Are You Tax Savvy on Real Estate Strategies?

58 Replies

Hey everyone! It's that time of year again - TAX SEASON! Ahhhhh!

So, we had our knowledgeable BiggerPockets member, Amanda Han, create a tax strategy quiz to see where your understanding of real estate strategies stands.

Let's see how well you can do - QUIZ

Also, don't forget to purchase Amanda's book, The Book on Tax StrategiesHERE!

Good luck!

I got the retirement account questions wrong, but in my defense I have no plans to buy a rental property from or for my parents. 

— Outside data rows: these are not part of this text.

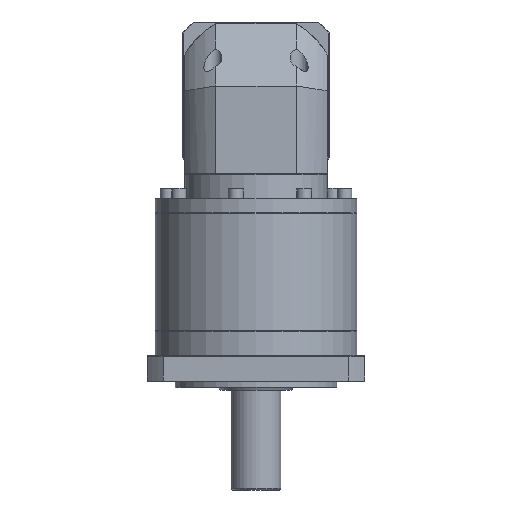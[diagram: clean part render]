
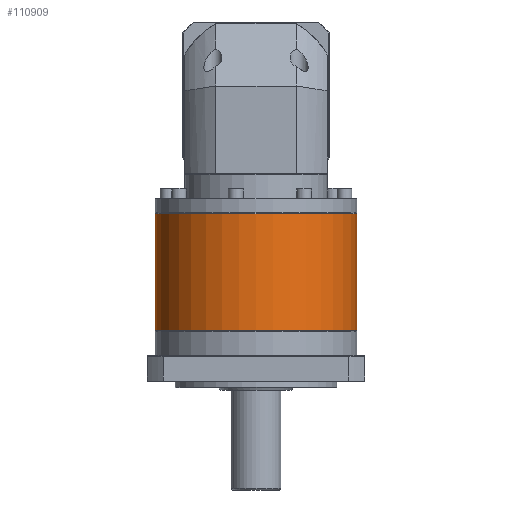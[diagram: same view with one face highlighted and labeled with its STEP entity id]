
A CAD part, front view. The second image highlights one B-rep face of the part: STEP entity #110909.
In plain terms, the highlighted cylindrical face has radius 81 mm (diameter 162 mm), a partial arc.
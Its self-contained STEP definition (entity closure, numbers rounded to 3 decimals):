
#4275 = AXIS2_PLACEMENT_3D ( 'NONE', #119553, #131704, #97150 ) ;
#7331 = CYLINDRICAL_SURFACE ( 'NONE', #37394, 81. ) ;
#12080 = VERTEX_POINT ( 'NONE', #120088 ) ;
#14489 = CIRCLE ( 'NONE', #89516, 81. ) ;
#15157 = DIRECTION ( 'NONE',  ( -1., 0., 0. ) ) ;
#18123 = DIRECTION ( 'NONE',  ( 0., 0., -1. ) ) ;
#19463 = EDGE_CURVE ( 'NONE', #12080, #110770, #14489, .T. ) ;
#37394 = AXIS2_PLACEMENT_3D ( 'NONE', #103577, #59863, #15157 ) ;
#39188 = VECTOR ( 'NONE', #80309, 1000. ) ;
#41450 = DIRECTION ( 'NONE',  ( 0., 0., -1. ) ) ;
#49499 = CIRCLE ( 'NONE', #4275, 81. ) ;
#52005 = LINE ( 'NONE', #97687, #104085 ) ;
#54425 = ORIENTED_EDGE ( 'NONE', *, *, #114530, .F. ) ;
#55823 = EDGE_LOOP ( 'NONE', ( #54425, #56397, #71583, #82901 ) ) ;
#56397 = ORIENTED_EDGE ( 'NONE', *, *, #19463, .T. ) ;
#59863 = DIRECTION ( 'NONE',  ( 0., 0., -1. ) ) ;
#70992 = CARTESIAN_POINT ( 'NONE',  ( -173.323, 8.449, 336.776 ) ) ;
#71583 = ORIENTED_EDGE ( 'NONE', *, *, #92836, .T. ) ;
#77521 = EDGE_CURVE ( 'NONE', #94495, #125850, #49499, .T. ) ;
#80309 = DIRECTION ( 'NONE',  ( 0., 0., -1. ) ) ;
#80781 = CARTESIAN_POINT ( 'NONE',  ( -173.323, 8.449, 337.276 ) ) ;
#82901 = ORIENTED_EDGE ( 'NONE', *, *, #77521, .T. ) ;
#86566 = CARTESIAN_POINT ( 'NONE',  ( -92.323, 8.449, 336.776 ) ) ;
#89516 = AXIS2_PLACEMENT_3D ( 'NONE', #86566, #18123, #95811 ) ;
#92836 = EDGE_CURVE ( 'NONE', #110770, #94495, #127806, .T. ) ;
#94495 = VERTEX_POINT ( 'NONE', #97968 ) ;
#95811 = DIRECTION ( 'NONE',  ( -1., 0., 0. ) ) ;
#97150 = DIRECTION ( 'NONE',  ( -1., 0., 0. ) ) ;
#97687 = CARTESIAN_POINT ( 'NONE',  ( -11.323, 8.449, 337.276 ) ) ;
#97968 = CARTESIAN_POINT ( 'NONE',  ( -173.323, 8.449, 243.276 ) ) ;
#103577 = CARTESIAN_POINT ( 'NONE',  ( -92.323, 8.449, 337.276 ) ) ;
#104085 = VECTOR ( 'NONE', #41450, 1000. ) ;
#110770 = VERTEX_POINT ( 'NONE', #70992 ) ;
#110909 = ADVANCED_FACE ( 'NONE', ( #142846 ), #7331, .T. ) ;
#114530 = EDGE_CURVE ( 'NONE', #12080, #125850, #52005, .T. ) ;
#119553 = CARTESIAN_POINT ( 'NONE',  ( -92.323, 8.449, 243.276 ) ) ;
#120088 = CARTESIAN_POINT ( 'NONE',  ( -11.323, 8.449, 336.776 ) ) ;
#125850 = VERTEX_POINT ( 'NONE', #138640 ) ;
#127806 = LINE ( 'NONE', #80781, #39188 ) ;
#131704 = DIRECTION ( 'NONE',  ( 0., 0., 1. ) ) ;
#138640 = CARTESIAN_POINT ( 'NONE',  ( -11.323, 8.449, 243.276 ) ) ;
#142846 = FACE_OUTER_BOUND ( 'NONE', #55823, .T. ) ;

One interesting question is the one about expensing a trip for business. I would argue that not only does the trip need to be for business, but only for business. In other words if you go on a five day trip to Hawaii and spend two days looking at properties, it could be hard to defend that as a business trip. I am not saying you cannot have fun on a business trip, but be careful if you are trying to shelter vacations under a business trip title. That is hard one to defend in an audit. 

Originally posted by @Joe Splitrock :

I got the retirement account questions wrong, but in my defense I have no plans to buy a rental property from or for my parents. 

One interesting question is the one about expensing a trip for business. I would argue that not only does the trip need to be for business, but only for business. In other words if you go on a five day trip to Hawaii and spend two days looking at properties, it could be hard to defend that as a business trip. I am not saying you cannot have fun on a business trip, but be careful if you are trying to shelter vacations under a business trip title. That is hard one to defend in an audit. 

 Ha! I only got two wrong as well and they were retirement account questions - the type you can borrow from (I've never borrowed from mine) and what you can do with the money. 

I think expenses are much easier to justify when there is documented income to the business. If you bring in $100k annually in rent, it is much easier to justify most expenses than if you have one house and are trying to write off your trip to Hawaii :) . The other part of it is operating your business like a business. If you show up to collect cash in envelopes and a business card is something you scribbled on the back of a Hardees bag, you're going to have a much tougher go of things in an audit situation. 

Hey Joe.  You should read Amanda's tax strategy book.  She has a section in it about how it's possible to make a trip like you mentioned tax deductible.  Definitely worth the money and time it takes to read it!

11/12 not to shabby considering I have an accounting background.  I missed the first retirement account question thinking it was about 401ks not IRAs.  Should have read it more carefully.  I probably should study up on Self-Directed 401ks a bit more anyway.